MailOnline has contacted the BMA for comment.

This comes after the strike launched by the group of doctors earlier this month led to the postponement of 61,989 appointments, procedures and operations, with 23,001 staff absent from work at the peak of the five-day action.

He This means that 1,486,258 appointments have been postponed since the NHS strike (affecting staff such as doctors, nurses, physiotherapists and paramedics) began in late 2022.

But not all NHS trusts have provided figures on cancelled appointments, meaning the true scale of disruption is expected to be higher.

Junior doctors in their first year of training currently earn a basic salary of £32,300, while those with three years’ experience earn £43,900 and senior doctors £63,100.

Conservative ministers previously offered junior doctors a pay rise of 8.8 per cent, on average, for the 2023/24 financial year.

However, the increase was larger for first-year physicians, who were given a 10.3 percent raise.

Ministers insisted this was the final offer, but former Health Secretary Victoria Atkins offered doctors an additional three per cent on top of this increase.

The union then claimed that this increased sum remained “completely insufficient”.

This comes as the government is also expected to confirm a 5.5 per cent pay rise for other NHS workers, including nurses, today after accepting recommendations from the independent pay review body.

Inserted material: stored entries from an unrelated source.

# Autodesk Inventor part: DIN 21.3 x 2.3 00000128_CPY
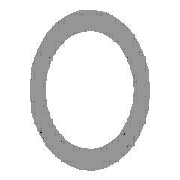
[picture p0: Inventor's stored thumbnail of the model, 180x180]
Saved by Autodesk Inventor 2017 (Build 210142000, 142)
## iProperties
Created: 2017-11
Part Number: DIN 21.3 x 2.3 00000128_CPY
Material: Steel, Mild
Description: Pipe
Document SubType Name: Modeling
Standard: DIN
Designer: iusti
Standard Revision: 2006-07
Standards Organization: DIN
Language: en-US
Size Designation: 21.3 x 2.3
Categories: <MemberInstance><Categories><Category DisplayName="Structural Shapes" InternalName="089c4875-fa83-4c05-b084-43b9cc11f5ed" Mnemonic="GRDR"><CategoryParameter Dis
Stock Number: 21.3 x 2.3
Density: 7.85 g/cm^3
Appearance: Semi-Polished
_CCFamilyMember: 1
_CCFamilyDisplayName: DIN EN 10210-2 - Pipe
_FrameMemberDoc: Frame Member File
_Version: 15.0.0
_GetPNFromCC: 1
IsCustomPart: 1
Author: iusti
G_L: 1000.000 mm
G_W: 21.300 mm
G_H: 21.300 mm
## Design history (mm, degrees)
node "Start plane"
node "End plane"
sketch "Sketch"
  geometry: C1 r 8.35 at (0, 0); C2 r 10.65 at (0, 0); 2 further points
  constraints: 3 coincident, 2 centre point
  dimensions: "d0" = 21.3 diameter of C2 (= G_H); "d1" = 2.3 radial gap between concentric circles of C2 C1 (= G_T)
extrude "Body" new body sketch "Sketch" stored distance "d2" = 1000 (= G_L); taper "d3" = 0 deg
node "Driven Length"
  sketch "Sketch3"
    geometry: L1 (0, 0)-(10, 0) reference
    constraints: 2 end point, 1 horizontal
  workplane "Work Plane3"
  sketch "Sketch4"
    geometry: L1 (-2, 0)-(12, 0) reference; L2 (-2, 1000)-(12, 1000) reference
    dimensions: "d7" = 1000 distance between parallel lines of L1 L2 (derived)
body "Solid1"
other parameters: "G_H" = 21.3 [user parameter; used in 1 equation term], "G_T" = 2.3 [user parameter; used in 1 equation term], "G_L" = 1000 (= d7) [user parameter; used in 1 equation term], "G_OFFSET_START" = 0 [user parameter; used in 1 equation term], "G_OFFSET_END" = 0 [user parameter; used in 1 equation term], "d4" = 0 (computed from G_OFFSET_START), "d6" = 90 deg

This wage increase affects around 1.3 million employees.

Doctors and dentists are expected to receive a six per cent pay rise, with senior NHS managers getting a five per cent increase.

However, GPs have threatened to paralyse the NHS after putting family doctors to a vote on strike action.

Voting, which closed at noon today, could begin as early as Thursday.

It is feared that up to three million GP consultations a month could disappear if all GPs were to comply with BMA demands to reduce numbers to just 25 a day.